И вот мы в деревне. Мы никого там не удивили, зато наша собака Пери удивила всех - такая она рыжая и толстая. Каждая женщина, увидев её, говорила: "Ух ты, моя красавица!", а каждый мужчина спрашивал папу: "Хорошо берёт дичь?" На что папа всегда отвечал: "Исключительно!" Хотя, если Пери и брала дичь, так только с обеденного стола, да и то без маминого разрешения. Папа ведь у нас на охоту не ходит, а только на работу. Не то что дядя Володя: тот однажды встретил в лесу медведя - и раз!.. С тех пор у него на полу шкура. Только мама говорит: мех у неё искусственный.
Но сейчас я хочу рассказать о другом.

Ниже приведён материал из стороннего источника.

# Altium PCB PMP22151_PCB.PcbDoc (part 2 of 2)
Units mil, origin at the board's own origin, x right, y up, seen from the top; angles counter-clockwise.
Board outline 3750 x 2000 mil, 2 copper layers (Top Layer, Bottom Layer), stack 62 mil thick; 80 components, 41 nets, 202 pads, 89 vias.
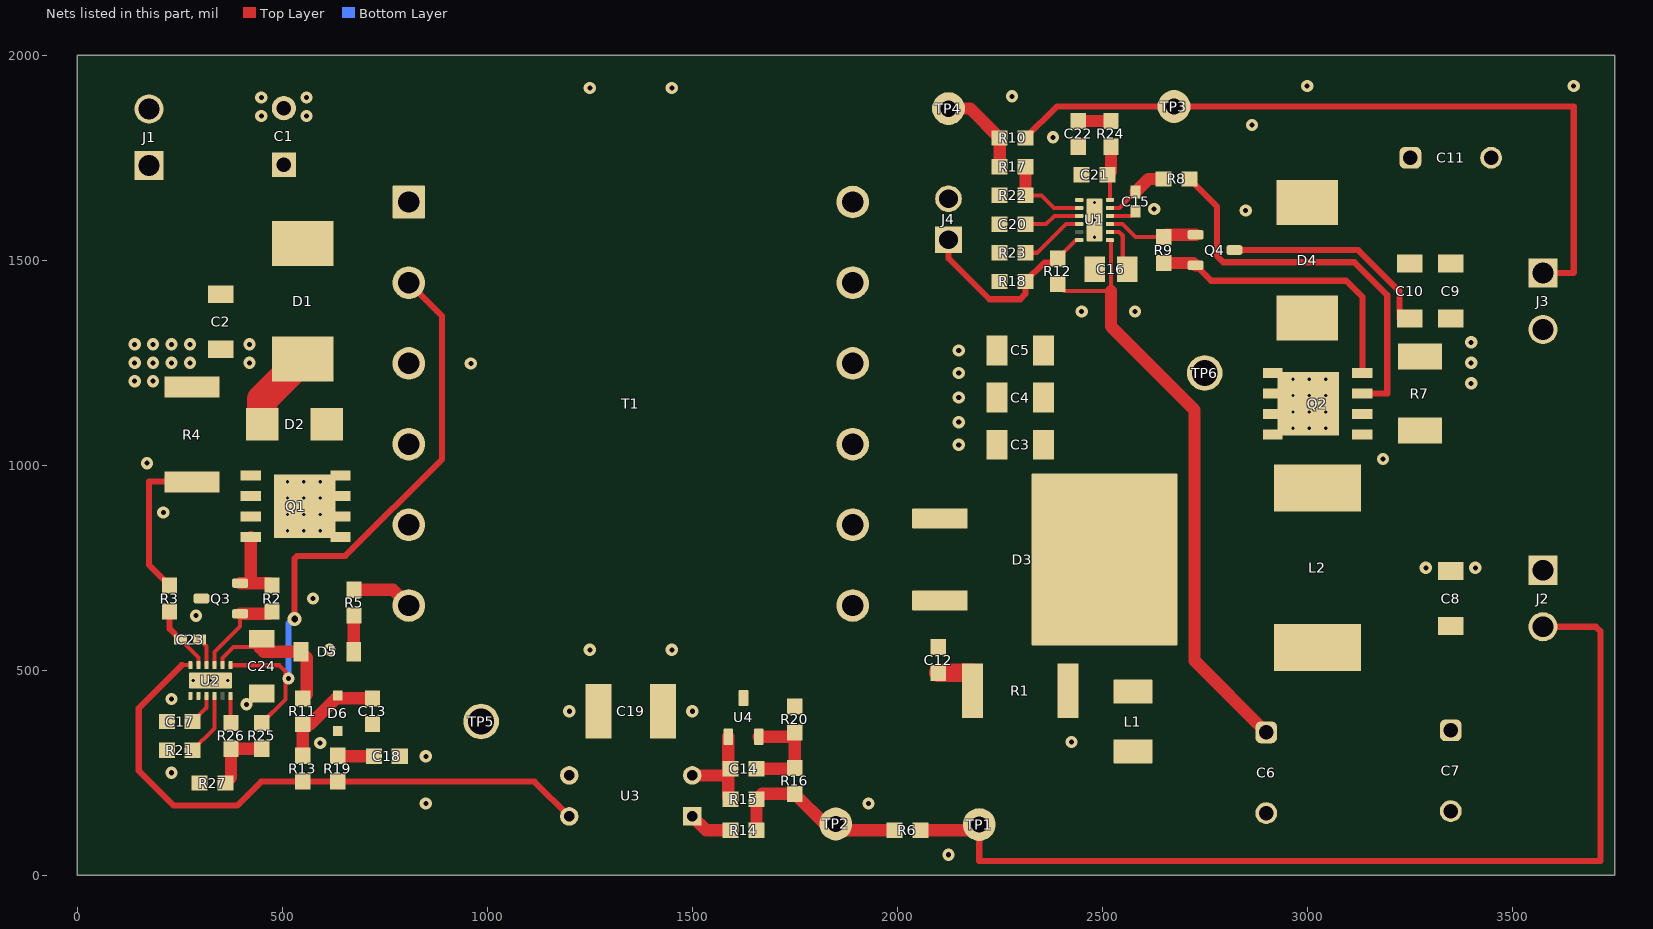
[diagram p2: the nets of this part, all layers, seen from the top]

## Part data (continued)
T1: library part CMP-0087767-1, "TRANSFORMER", Manufacturer=Wurth
TP1 TP3: library part CMP-0055137-1, "Test Point, Miniature, Red, TH", Color=Red, Manufacturer=Keystone, Supplier Part Number 1=36-5000-ND
TP2 TP4: library part CMP-0055141-1, "Test Point, Miniature, Yellow, TH", Color=Yellow, Manufacturer=Keystone, Supplier Part Number 1=36-5004-ND
TP5 TP6: library part CMP-0055148-1, "Test Point, Multipurpose, Black, TH", Color=Black, Manufacturer=Keystone, Supplier Part Number 1=36-5011-ND
U1 U2: library part CMP-0085414-1, "2.2-MHz Wide Input Nonsynchronous Boost, Sepic, Flyback Controller, DSS0012B (WSON-12)", Alternate Manufacturer="Texas Instruments", Alternate PartNumber=LM5155DSSR
U3: library part CMP-0083653-1, "Optocoupler, 5.3 kV, 100-200% CTR, SMT", Manufacturer=Vishay-Semiconductor, Supplier Part Number 1=VO618A-3-ND, Voltage_Isolation_Vrms=5.3kV
U4: library part CMP-0084732-1, "High Bandwidth Low-Iq Programmable Shunt Regulator, DBZ0003A (SOT-23-3)", Alternate Manufacturer="Texas Instruments"

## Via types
v1: diameter 29.92, hole 12.2, Top Layer to Bottom Layer, 50 vias
v2: diameter 19.68, hole 7.87, Top Layer to Bottom Layer, 30 vias
v3: diameter 29.92, hole 12.2, Top Layer to Bottom Layer, tented both sides, 8 vias
v4: diameter 34, hole 16, Top Layer to Bottom Layer, tented both sides, 1 vias

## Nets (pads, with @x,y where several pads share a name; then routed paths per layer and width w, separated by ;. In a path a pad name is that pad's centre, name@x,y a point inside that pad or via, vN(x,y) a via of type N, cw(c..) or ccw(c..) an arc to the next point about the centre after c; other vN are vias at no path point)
28V: C6.1 C7.1 C8.1 J2.2 L1.2 L2.1 R6.2 R12.2 TP1.1 U1.1 | length 3953
  Top Layer w10: R12.2@2391.3,1441.73 2408.03,1425 2521.3,1425 2521.3,1546.42 U1.1@2518.7,1549.02
  Top Layer w15: TP1.1@2200,123.74 2200,35 3715,35 3715,595 3703.9,606.1 J2.2@3575,606.1
  Top Layer w30: R6.2@2056.5,110 2186.26,110 TP1.1@2200,123.74 ; 2521.3,1425 2521.3,1338.7 2725,1135 2725,523.43 C6.1@2900,348.43
37V: C9.1 C10.1 C11.1 D4.1 J3.1 R10.2 TP3.1 | length 1849.5
  Top Layer w15: R10.2@2312.8,1798.23 2389.57,1875 TP3.1@2675,1875 3650,1875 3650,1470 3648.9,1468.9 J3.1@3575,1468.9
NetC3_1: C3.1 C4.1 C5.1 D3.2 L1.1 R1.2
NetC12_1: C12.1 R1.1 | length 127.4
  Top Layer w45: C12.1@2100,493.5 2183.86,493.5 R1.1@2183.86,450
NetC12_2: C12.2 D3.1 D3.3 T1.7 T1.8 T1.9
NetC13_2: C13.2 D6.1 R11.1 R13.2 | length 273.1
  Top Layer w30: R13.2@550,291.5 R11.1@550,368.5 568.5,368.5 631.5,431.5 C13.2@720,431.5
NetC14_1: C14.1 R16.1 R20.2 U4.2 | length 273.2
  Top Layer w30: C14.1@1656.5,260 1748.5,260 R16.1@1750,261.5 R20.2@1750,348.5 1739.25,337.76 U4.2@1662.4,337.76
NetC14_2: C14.2 R15.1 U3.2 U4.1 | length 244.2
  Top Layer w30: U3.2@1500,243.43 1584.17,243.43 1587.6,240 ; U4.1@1587.6,337.76 1587.6,240 ; R15.1@1593.5,185 1587.6,190.91 1587.6,240
NetC15_1: C15.1 R8.1 U1.5 | length 160.3
  Top Layer w10: U1.5@2518.7,1627.76 2542.2,1627.76 C15.1@2581.3,1666.85
  Top Layer w30: C15.1@2581.3,1666.85 2612.68,1698.23 R8.1@2649.8,1698.23
NetC16_1: C16.1 U1.2 | length 121.4
  Top Layer w10: U1.2@2518.7,1568.7 2541.3,1568.7 2550,1560 2550,1489.53 C16.1@2561.3,1478.23
NetC17_2: C17.2 U2.9 | length 76.5
  Top Layer w10: C17.2@281.5,375 315.16,408.66 U2.9@315.16,437.6
NetC18_2: C18.2 R19.1 | length 89.1
  Top Layer w30: R19.1@635,291.5 636.5,290 C18.2@723.5,290
NetC20_1: C20.1 U1.9 | length 139.3
  Top Layer w10: C20.1@2312.8,1588.23 2363.23,1588.23 2383.07,1608.07 U1.9@2443.9,1608.07
NetC21_1: C21.1 R24.2 U1.6 | length 135.3
  Top Layer w10: C21.1@2512.8,1708.23 2518.7,1702.32 U1.6@2518.7,1647.44
  Top Layer w30: C21.1@2512.8,1708.23 2521.3,1716.73 R24.2@2521.3,1776.73
NetC22_1: C22.1 R24.1 | length 80
  Top Layer w30: C22.1@2441.3,1839.72 R24.1@2521.3,1839.72
NetC23_1: C23.1 R3.1 U2.5 | length 160.3
  Top Layer w10: C23.1@251.38,575 295.47,530.91 U2.5@295.47,512.4
  Top Layer w15: R3.1@225,643.5 225,601.38 C23.1@251.38,575
NetD1_2: D1.2 D2.1 | length 200.4
  Top Layer w75: D2.1@451.26,1100 451.26,1160.77 D1.2@550,1259.51
NetD2_2: D2.2 Q1.5 Q1.6 Q1.7 Q1.8 Q1.9 T1.3 T1.4
  other v2: 512.5,840 552.5,840 592.5,840 512.5,880 552.5,880 592.5,880 512.5,920 552.5,920 592.5,920 512.5,960 552.5,960 592.5,960
NetD4_2: D4.2 L2.2 Q2.5 Q2.6 Q2.7 Q2.8 Q2.9
  other v2: 2965,1090 3005,1090 3045,1090 2965,1130 3005,1130 3045,1130 2965,1170 3005,1170 3045,1170 2965,1210 3005,1210 3045,1210
NetD5_2: D5.2 R5.1 | length 88.7
  Top Layer w30: D5.2@674.47,545 674.47,632.97 R5.1@675,633.5
NetJ4_1: J4.1 R12.1 R18.2 U1.12 | length 482.8
  Top Layer w10: R12.1@2391.3,1504.72 2435.59,1549.02 U1.12@2443.9,1549.02
  Top Layer w15: J4.1@2125,1550 2125,1505 2225,1405 2300,1405 2312.8,1417.8 R18.2@2312.8,1448.23 2359.45,1494.88 2381.46,1494.88 R12.1@2391.3,1504.72
NetQ1_1: Q1.1 Q1.2 Q1.3 R3.2 R4.2 | length 379.7
  Top Layer w15: R3.2@225,706.5 175,756.5 175,960 278.86,960 R4.2@280,958.86
NetQ1_4: Q1.4 Q3.2 R2.2 | length 193.6
  Top Layer w30: Q3.2@397.24,712.4 425,712.4 ; Q1.4@423,825 423,714.4 425,712.4 ; R2.2@475,706.5 469.09,712.4 425,712.4
NetQ2_1: Q2.1 Q2.2 Q2.3 R7.2 R8.2 | length 970.9
  Top Layer w15: R8.2@2712.8,1698.23 2780,1631.02 2780,1510 2795,1495 3115,1495 3195,1415 3195,1175 Q2.3@3134.5,1175
NetQ2_4: Q2.4 Q4.2 R9.2 | length 704.4
  Top Layer w15: Q4.2@2727.76,1487.6 2765.35,1450 3095,1450 3134.5,1410.5 Q2.4@3134.5,1225
  Top Layer w30: R9.2@2650,1493.5 2721.85,1493.5 Q4.2@2727.76,1487.6
NetQ3_1: Q3.1 R2.1 U2.3 | length 231.2
  Top Layer w10: U2.3@334.84,512.4 334.84,544.84 397.24,607.24 Q3.1@397.24,637.6
  Top Layer w30: Q3.1@397.24,637.6 469.09,637.6 R2.1@475,643.5
NetQ4_1: Q4.1 R9.1 U1.3 | length 224.7
  Top Layer w10: U1.3@2518.7,1588.39 2549.41,1588.39 2581.3,1556.5 R9.1@2650,1556.5
  Top Layer w30: R9.1@2650,1556.5 2655.91,1562.4 Q4.1@2727.76,1562.4
NetR5_2: R5.2 T1.6 | length 149.7
  Top Layer w30: R5.2@675,696.5 770.04,696.5 T1.6@808.66,657.87
NetR6_1: R6.1 R14.2 R15.2 R16.2 TP2.1 | length 454.3
  Top Layer w30: R14.2@1656.5,110 R15.2@1656.5,185 1670,198.5 R16.2@1750,198.5 1823.5,125 TP2.1@1850,125 1865,110 R6.1@1993.5,110
NetR10_1: R10.1 R17.2 TP4.1 | length 224.5
  Top Layer w30: TP4.1@2125,1870 2178.03,1870 R10.1@2249.8,1798.23 R17.2@2249.8,1728.23
NetR13_1: R13.1 R19.2 U2.6 U3.4 | length 1466.4
  Top Layer w10: 255,512.4 U2.6@275.79,512.4
  Top Layer w15: 255,512.4 150,407.4 150,255 235,170 390,170 448.5,228.5 R13.1@550,228.5 R19.2@635,228.5 1114.93,228.5 U3.4@1200,143.43
NetR14_1: R14.1 U3.1 | length 107.4
  Top Layer w30: U3.1@1500,143.43 1533.43,110 R14.1@1593.5,110
NetR17_1: R17.1 R22.2 U1.8 | length 213.7
  Top Layer w10: R22.2@2312.8,1658.23 2351.77,1658.23 2382.24,1627.76 U1.8@2443.9,1627.76
  Top Layer w30: R22.2@2312.8,1658.23 R17.1@2312.8,1728.23
NetR21_1: R21.1 U2.10 | length 154.7
  Top Layer w10: R21.1@281.5,305 334.84,358.35 U2.10@334.84,437.6
NetR23_2: R23.2 U1.10 | length 160.2
  Top Layer w10: R23.2@2312.8,1518.23 2341.25,1518.23 2411.41,1588.39 U1.10@2443.9,1588.39
NetR25_1: R25.1 R26.1 R27.2 | length 164.1
  Top Layer w30: R27.2@361.5,225 375,238.5 R26.1@375,308.5 R25.1@450,308.5
NetR26_2: R26.2 U2.12 | length 66.4
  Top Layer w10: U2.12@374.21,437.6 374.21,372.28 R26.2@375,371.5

Раз в неделю мама ездила из деревни в город на рынок, а папа в это время лежал в саду на одеяле и читал. Он говорил, что лучше будет питаться воздухом, чем мотаться за продуктами. Но потом папа обедал и не вспоминал о воздухе до следующего базарного дня.
Как-то раз мама принесла с базара живую курицу. Мы вынули её из кошёлки и на длинной верёвке привязали за ногу к забору.
- Завтра у нас будет свежий бульон, - сказала мама, не глядя на курицу.
Мы налили ей в блюдечко воды, насыпали пшена и оставили в покое.
Наутро Лика ворвалась в комнату и громко закричала:
- Курочка снеслась!
Лика - моя сестра. Ей пять лет, но она уже многое понимает.